→ TASK PROMPT:
Search the records for the string "spatial" and report how many lines contain it, with nothing else.

→ GIVEN ENTRIES:
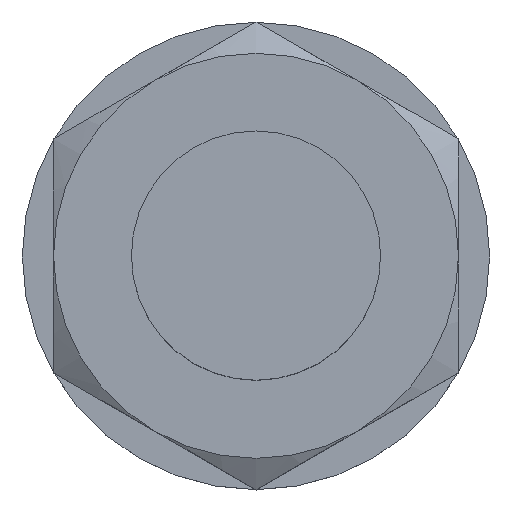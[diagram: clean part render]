
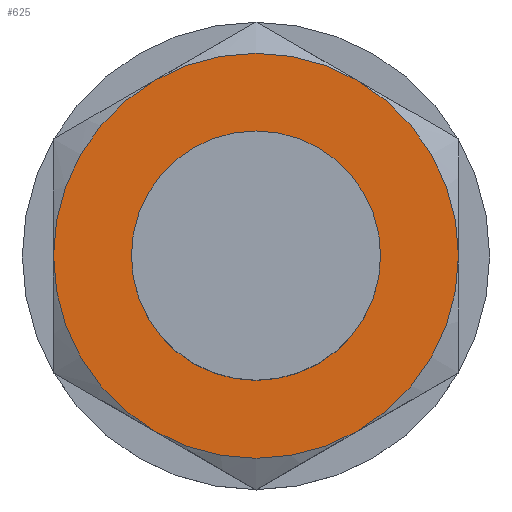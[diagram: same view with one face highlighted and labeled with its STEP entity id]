
A CAD part, top view. The second image highlights one B-rep face of the part: STEP entity #625.
In plain terms, the highlighted planar face has unit normal (0, 0, 1).
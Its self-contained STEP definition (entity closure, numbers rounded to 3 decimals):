
#35 = EDGE_CURVE ( 'NONE', #37, #135, #235, .T. ) ;
#37 = VERTEX_POINT ( 'NONE', #260 ) ;
#43 = ORIENTED_EDGE ( 'NONE', *, *, #1438, .T. ) ;
#92 = VERTEX_POINT ( 'NONE', #977 ) ;
#128 = EDGE_CURVE ( 'NONE', #1026, #155, #1194, .T. ) ;
#135 = VERTEX_POINT ( 'NONE', #545 ) ;
#155 = VERTEX_POINT ( 'NONE', #1780 ) ;
#170 = VERTEX_POINT ( 'NONE', #1939 ) ;
#235 = CIRCLE ( 'NONE', #236, 6.5 ) ;
#236 = AXIS2_PLACEMENT_3D ( 'NONE', #237, #238, #239 ) ;
#237 = CARTESIAN_POINT ( 'NONE',  ( 0., 0., 1.5 ) ) ;
#238 = DIRECTION ( 'NONE',  ( 0., 0., 1. ) ) ;
#239 = DIRECTION ( 'NONE',  ( 1., 0., 0. ) ) ;
#260 = CARTESIAN_POINT ( 'NONE',  ( -3.25, 5.629, 1.5 ) ) ;
#487 = CIRCLE ( 'NONE', #488, 4. ) ;
#488 = AXIS2_PLACEMENT_3D ( 'NONE', #489, #490, #491 ) ;
#489 = CARTESIAN_POINT ( 'NONE',  ( 0., 0., 1.5 ) ) ;
#490 = DIRECTION ( 'NONE',  ( 0., 0., 1. ) ) ;
#491 = DIRECTION ( 'NONE',  ( 1., 0., 0. ) ) ;
#545 = CARTESIAN_POINT ( 'NONE',  ( -6.5, 0., 1.5 ) ) ;
#625 = ADVANCED_FACE ( 'NONE', ( #677, #678 ), #679, .F. ) ;
#677 = FACE_BOUND ( 'NONE', #1461, .T. ) ;
#678 = FACE_OUTER_BOUND ( 'NONE', #1527, .T. ) ;
#679 = PLANE ( 'NONE',  #683 ) ;
#683 = AXIS2_PLACEMENT_3D ( 'NONE', #684, #685, #686 ) ;
#684 = CARTESIAN_POINT ( 'NONE',  ( 6.5, 3.753, 1.5 ) ) ;
#685 = DIRECTION ( 'NONE',  ( 0., 0., -1. ) ) ;
#686 = DIRECTION ( 'NONE',  ( -1., 0., 0. ) ) ;
#700 = EDGE_CURVE ( 'NONE', #135, #1026, #747, .T. ) ;
#747 = CIRCLE ( 'NONE', #748, 6.5 ) ;
#748 = AXIS2_PLACEMENT_3D ( 'NONE', #749, #750, #751 ) ;
#749 = CARTESIAN_POINT ( 'NONE',  ( 0., 0., 1.5 ) ) ;
#750 = DIRECTION ( 'NONE',  ( 0., 0., 1. ) ) ;
#751 = DIRECTION ( 'NONE',  ( 1., 0., 0. ) ) ;
#953 = CARTESIAN_POINT ( 'NONE',  ( -3.25, -5.629, 1.5 ) ) ;
#977 = CARTESIAN_POINT ( 'NONE',  ( 3.25, 5.629, 1.5 ) ) ;
#1026 = VERTEX_POINT ( 'NONE', #953 ) ;
#1064 = ORIENTED_EDGE ( 'NONE', *, *, #700, .T. ) ;
#1098 = CARTESIAN_POINT ( 'NONE',  ( 4., 0., 1.5 ) ) ;
#1121 = CARTESIAN_POINT ( 'NONE',  ( 6.5, 0., 1.5 ) ) ;
#1194 = CIRCLE ( 'NONE', #1195, 6.5 ) ;
#1195 = AXIS2_PLACEMENT_3D ( 'NONE', #1196, #1197, #1198 ) ;
#1196 = CARTESIAN_POINT ( 'NONE',  ( 0., 0., 1.5 ) ) ;
#1197 = DIRECTION ( 'NONE',  ( 0., 0., 1. ) ) ;
#1198 = DIRECTION ( 'NONE',  ( 1., 0., 0. ) ) ;
#1228 = ORIENTED_EDGE ( 'NONE', *, *, #128, .T. ) ;
#1229 = ORIENTED_EDGE ( 'NONE', *, *, #1502, .F. ) ;
#1232 = CIRCLE ( 'NONE', #1233, 6.5 ) ;
#1233 = AXIS2_PLACEMENT_3D ( 'NONE', #1234, #1235, #1236 ) ;
#1234 = CARTESIAN_POINT ( 'NONE',  ( 0., 0., 1.5 ) ) ;
#1235 = DIRECTION ( 'NONE',  ( 0., 0., 1. ) ) ;
#1236 = DIRECTION ( 'NONE',  ( 1., 0., 0. ) ) ;
#1253 = CIRCLE ( 'NONE', #1254, 6.5 ) ;
#1254 = AXIS2_PLACEMENT_3D ( 'NONE', #1255, #1256, #1257 ) ;
#1255 = CARTESIAN_POINT ( 'NONE',  ( 0., 0., 1.5 ) ) ;
#1256 = DIRECTION ( 'NONE',  ( 0., 0., 1. ) ) ;
#1257 = DIRECTION ( 'NONE',  ( 1., 0., 0. ) ) ;
#1270 = CIRCLE ( 'NONE', #1271, 6.5 ) ;
#1271 = AXIS2_PLACEMENT_3D ( 'NONE', #1272, #1273, #1274 ) ;
#1272 = CARTESIAN_POINT ( 'NONE',  ( 0., 0., 1.5 ) ) ;
#1273 = DIRECTION ( 'NONE',  ( 0., 0., 1. ) ) ;
#1274 = DIRECTION ( 'NONE',  ( 1., 0., 0. ) ) ;
#1341 = VERTEX_POINT ( 'NONE', #1098 ) ;
#1376 = ORIENTED_EDGE ( 'NONE', *, *, #1432, .T. ) ;
#1432 = EDGE_CURVE ( 'NONE', #1578, #92, #1232, .T. ) ;
#1438 = EDGE_CURVE ( 'NONE', #92, #37, #1253, .T. ) ;
#1440 = EDGE_CURVE ( 'NONE', #155, #1578, #1270, .T. ) ;
#1448 = EDGE_CURVE ( 'NONE', #170, #1341, #487, .T. ) ;
#1461 = EDGE_LOOP ( 'NONE', ( #1509, #1229 ) ) ;
#1502 = EDGE_CURVE ( 'NONE', #1341, #170, #2047, .T. ) ;
#1509 = ORIENTED_EDGE ( 'NONE', *, *, #1448, .F. ) ;
#1527 = EDGE_LOOP ( 'NONE', ( #1555, #1064, #1228, #1650, #1376, #43 ) ) ;
#1555 = ORIENTED_EDGE ( 'NONE', *, *, #35, .T. ) ;
#1578 = VERTEX_POINT ( 'NONE', #1121 ) ;
#1650 = ORIENTED_EDGE ( 'NONE', *, *, #1440, .T. ) ;
#1780 = CARTESIAN_POINT ( 'NONE',  ( 3.25, -5.629, 1.5 ) ) ;
#1939 = CARTESIAN_POINT ( 'NONE',  ( -4., 0., 1.5 ) ) ;
#2047 = CIRCLE ( 'NONE', #2048, 4. ) ;
#2048 = AXIS2_PLACEMENT_3D ( 'NONE', #2049, #2050, #2051 ) ;
#2049 = CARTESIAN_POINT ( 'NONE',  ( 0., 0., 1.5 ) ) ;
#2050 = DIRECTION ( 'NONE',  ( 0., 0., 1. ) ) ;
#2051 = DIRECTION ( 'NONE',  ( 1., 0., 0. ) ) ;
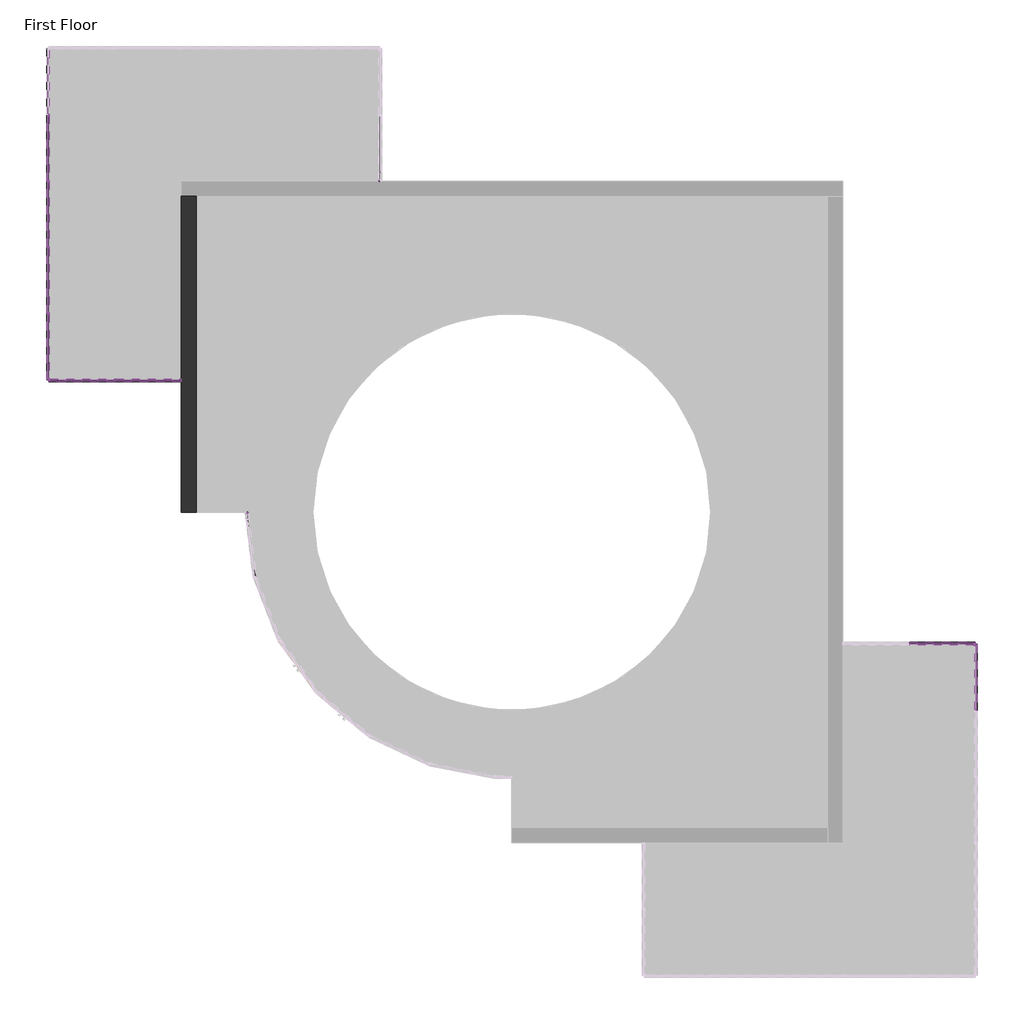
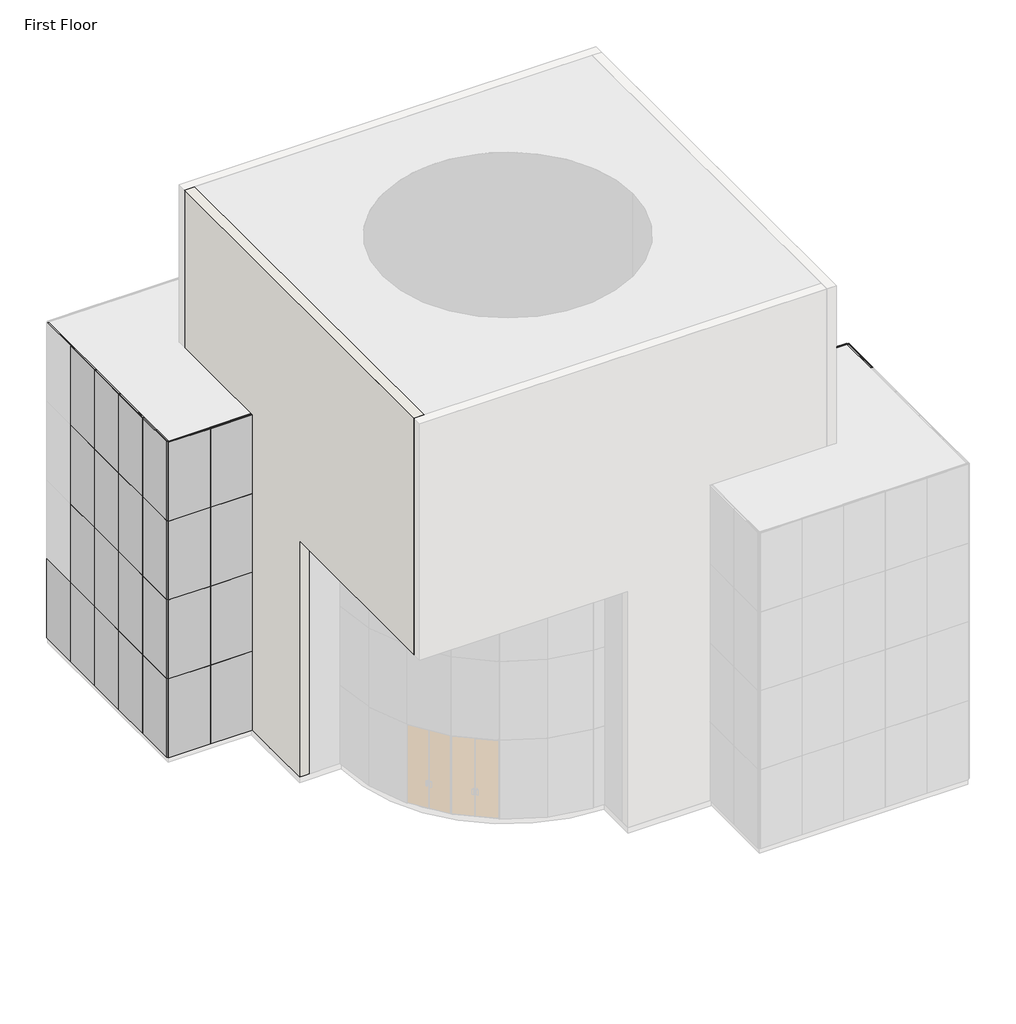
# One storey, part 3 of 4: 92 members, 33 plates, 1 wall.
"""IFC4 building model written with IfcOpenShell, lengths in millimetres."""

from ifc_helpers import new_model, si_unit, frame, origin, place, context, project, spatial, polyline, outline, extrude, transform, mapped, element, save
from components import rectangular_mullion_30mm_square_353f8307, rectangular_mullion_30mm_square_7a78963c, rectangular_mullion_30mm_square_eb988697, rectangular_mullion_30mm_square_0160e4a9, rectangular_mullion_30mm_square_0f531e6e, rectangular_mullion_30mm_square_5a53314d, rectangular_mullion_30mm_square_4d99f9b3, system_panel_glazed_8bf869fa

model = new_model("IFC4")

# Units and contexts
model_context = context("Model", 3, world=origin())
ifc_project = project(units=[si_unit("LENGTHUNIT", "METRE", prefix="MILLI")], contexts=[model_context])

# Site, building, storey
site = spatial("IfcSite", under=ifc_project)
building = spatial("IfcBuilding", under=site)
storey = spatial("IfcBuildingStorey", under=building, Name="First Floor", Elevation=0.0)

# Members
placement = place(None, origin())
rectangular_mullion_30mm_square_shape = rectangular_mullion_30mm_square_353f8307(model_context)
element("IfcMember", 1, ObjectType="Rectangular Mullion : 30mm Square", at=placement, inside=storey, context=model_context, shape_type="MappedRepresentation", body=[
    mapped(rectangular_mullion_30mm_square_shape, transform((-9824.9649915, 3250.852658, 12192.0), x_axis=(0.0, 0.0, 1.0), y_axis=(-1.0, 0.0, 0.0), z_axis=(0.0, -1.0, 0.0))),
])
element("IfcMember", 2, ObjectType="Rectangular Mullion : 30mm Square", at=placement, inside=storey, context=model_context, shape_type="MappedRepresentation", body=[
    mapped(rectangular_mullion_30mm_square_shape, transform((-9824.9649915, 9331.852658, 12192.0), x_axis=(0.0, 0.0, 1.0), y_axis=(-1.0, 0.0, 0.0), z_axis=(0.0, -1.0, 0.0))),
])
element("IfcMember", 3, ObjectType="Rectangular Mullion : 30mm Square", at=placement, inside=storey, context=model_context, shape_type="MappedRepresentation", body=[
    mapped(rectangular_mullion_30mm_square_shape, transform((-6806.9649915, 3220.852658, 12192.0), x_axis=(0.0, 0.0, 1.0), y_axis=(0.0, -1.0, 0.0), z_axis=(1.0, 0.0, 0.0))),
])
element("IfcMember", 4, ObjectType="Rectangular Mullion : 30mm Square", at=placement, inside=storey, context=model_context, shape_type="MappedRepresentation", body=[
    mapped(rectangular_mullion_30mm_square_shape, transform((-8315.9649915, 3220.852658, 12192.0), x_axis=(0.0, 0.0, 1.0), y_axis=(0.0, -1.0, 0.0), z_axis=(1.0, 0.0, 0.0))),
])
element("IfcMember", 5, ObjectType="Rectangular Mullion : 30mm Square", at=placement, inside=storey, context=model_context, shape_type="MappedRepresentation", body=[
    mapped(rectangular_mullion_30mm_square_shape, transform((11511.0350085, -2905.147342, 12192.0), x_axis=(0.0, 0.0, 1.0), y_axis=(1.0, 0.0, 0.0), z_axis=(0.0, 1.0, 0.0))),
])
element("IfcMember", 6, ObjectType="Rectangular Mullion : 30mm Square", at=placement, inside=storey, context=model_context, shape_type="MappedRepresentation", body=[
    mapped(rectangular_mullion_30mm_square_shape, transform((10002.0350085, -2875.147342, 12192.0), x_axis=(0.0, 0.0, 1.0), y_axis=(0.0, 1.0, 0.0), z_axis=(-1.0, 0.0, 0.0))),
])
element("IfcMember", 7, ObjectType="Rectangular Mullion : 30mm Square", at=placement, inside=storey, context=model_context, shape_type="MappedRepresentation", body=[
    mapped(rectangular_mullion_30mm_square_shape, transform((-9824.9649915, 4729.852658, 0.0), x_axis=(0.0, 0.0, -1.0), y_axis=(-1.0, 0.0, 0.0), z_axis=(0.0, 1.0, 0.0))),
])
element("IfcMember", 8, ObjectType="Rectangular Mullion : 30mm Square", at=placement, inside=storey, context=model_context, shape_type="MappedRepresentation", body=[
    mapped(rectangular_mullion_30mm_square_shape, transform((-9794.9649915, 3220.852658, 0.0), x_axis=(0.0, 0.0, -1.0), y_axis=(0.0, -1.0, 0.0), z_axis=(-1.0, 0.0, 0.0))),
])
element("IfcMember", 9, ObjectType="Rectangular Mullion : 30mm Square", at=placement, inside=storey, context=model_context, shape_type="MappedRepresentation", body=[
    mapped(rectangular_mullion_30mm_square_shape, transform((-8285.9649915, 3220.852658, 0.0), x_axis=(0.0, 0.0, -1.0), y_axis=(0.0, -1.0, 0.0), z_axis=(-1.0, 0.0, 0.0))),
])
element("IfcMember", 10, ObjectType="Rectangular Mullion : 30mm Square", at=placement, inside=storey, context=model_context, shape_type="MappedRepresentation", body=[
    mapped(rectangular_mullion_30mm_square_shape, transform((11481.0350085, -2875.147342, 0.0), x_axis=(0.0, 0.0, -1.0), y_axis=(0.0, 1.0, 0.0), z_axis=(1.0, 0.0, 0.0))),
])
element("IfcMember", 11, ObjectType="Rectangular Mullion : 30mm Square", at=placement, inside=storey, context=model_context, shape_type="MappedRepresentation", body=[
    mapped(rectangular_mullion_30mm_square_shape, transform((-2204.9649915, 7822.852658, 0.0), x_axis=(0.0, 0.0, -1.0), y_axis=(1.0, 0.0, 0.0), z_axis=(0.0, -1.0, 0.0))),
])
rectangular_mullion_30mm_square_2_shape = rectangular_mullion_30mm_square_7a78963c(model_context)
element("IfcMember", 12, ObjectType="Rectangular Mullion : 30mm Square", at=placement, inside=storey, context=model_context, shape_type="MappedRepresentation", body=[
    mapped(rectangular_mullion_30mm_square_2_shape, transform((-9824.9649915, 9316.852658, 0.0), x_axis=(0.0, -1.0, 0.0), y_axis=(-1.0, 0.0, 0.0), z_axis=(0.0, 0.0, -1.0))),
])
element("IfcMember", 13, ObjectType="Rectangular Mullion : 30mm Square", at=placement, inside=storey, context=model_context, shape_type="MappedRepresentation", body=[
    mapped(rectangular_mullion_30mm_square_2_shape, transform((-9824.9649915, 7792.852658, 0.0), x_axis=(0.0, -1.0, 0.0), y_axis=(-1.0, 0.0, 0.0), z_axis=(0.0, 0.0, -1.0))),
])
element("IfcMember", 14, ObjectType="Rectangular Mullion : 30mm Square", at=placement, inside=storey, context=model_context, shape_type="MappedRepresentation", body=[
    mapped(rectangular_mullion_30mm_square_2_shape, transform((-9824.9649915, 6268.852658, 0.0), x_axis=(0.0, -1.0, 0.0), y_axis=(-1.0, 0.0, 0.0), z_axis=(0.0, 0.0, -1.0))),
])
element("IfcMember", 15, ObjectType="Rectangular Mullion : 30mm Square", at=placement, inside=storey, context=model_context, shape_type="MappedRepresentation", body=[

→ RESULT FOR THIS TASK:
4